**Work item:** Only the pictures are to be dropped, and the rest of the data should be copied exactly.

"""

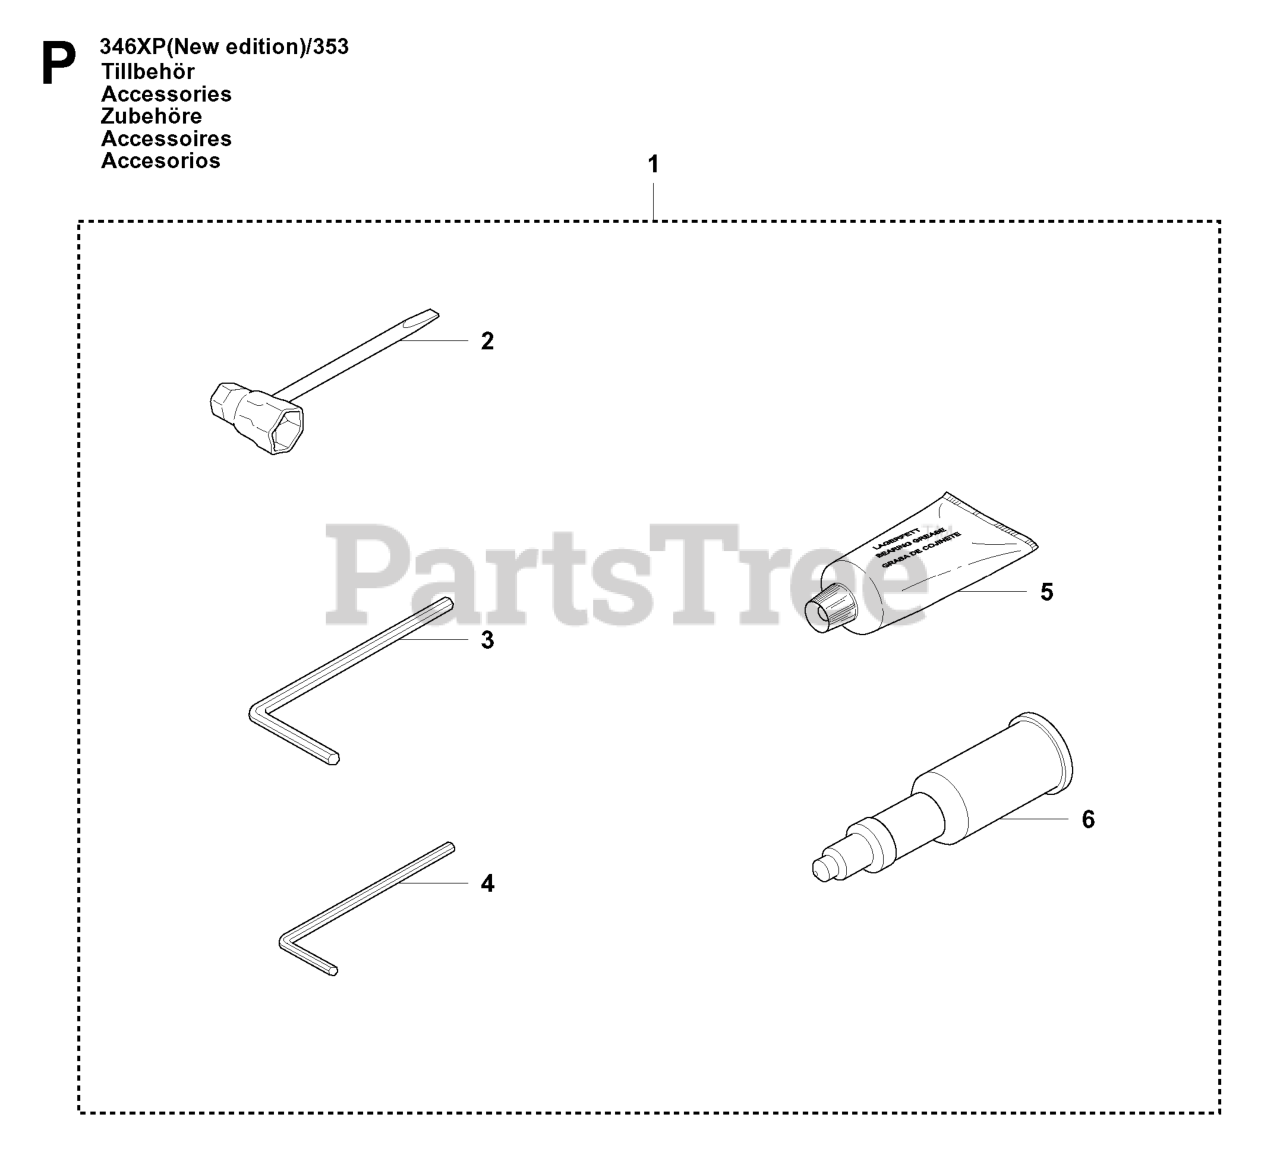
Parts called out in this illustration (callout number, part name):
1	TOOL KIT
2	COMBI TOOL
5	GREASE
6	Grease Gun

"""

**Exercise solution:**
Parts called out in this illustration (callout number, part name):
1	TOOL KIT
2	COMBI TOOL
5	GREASE
6	Grease Gun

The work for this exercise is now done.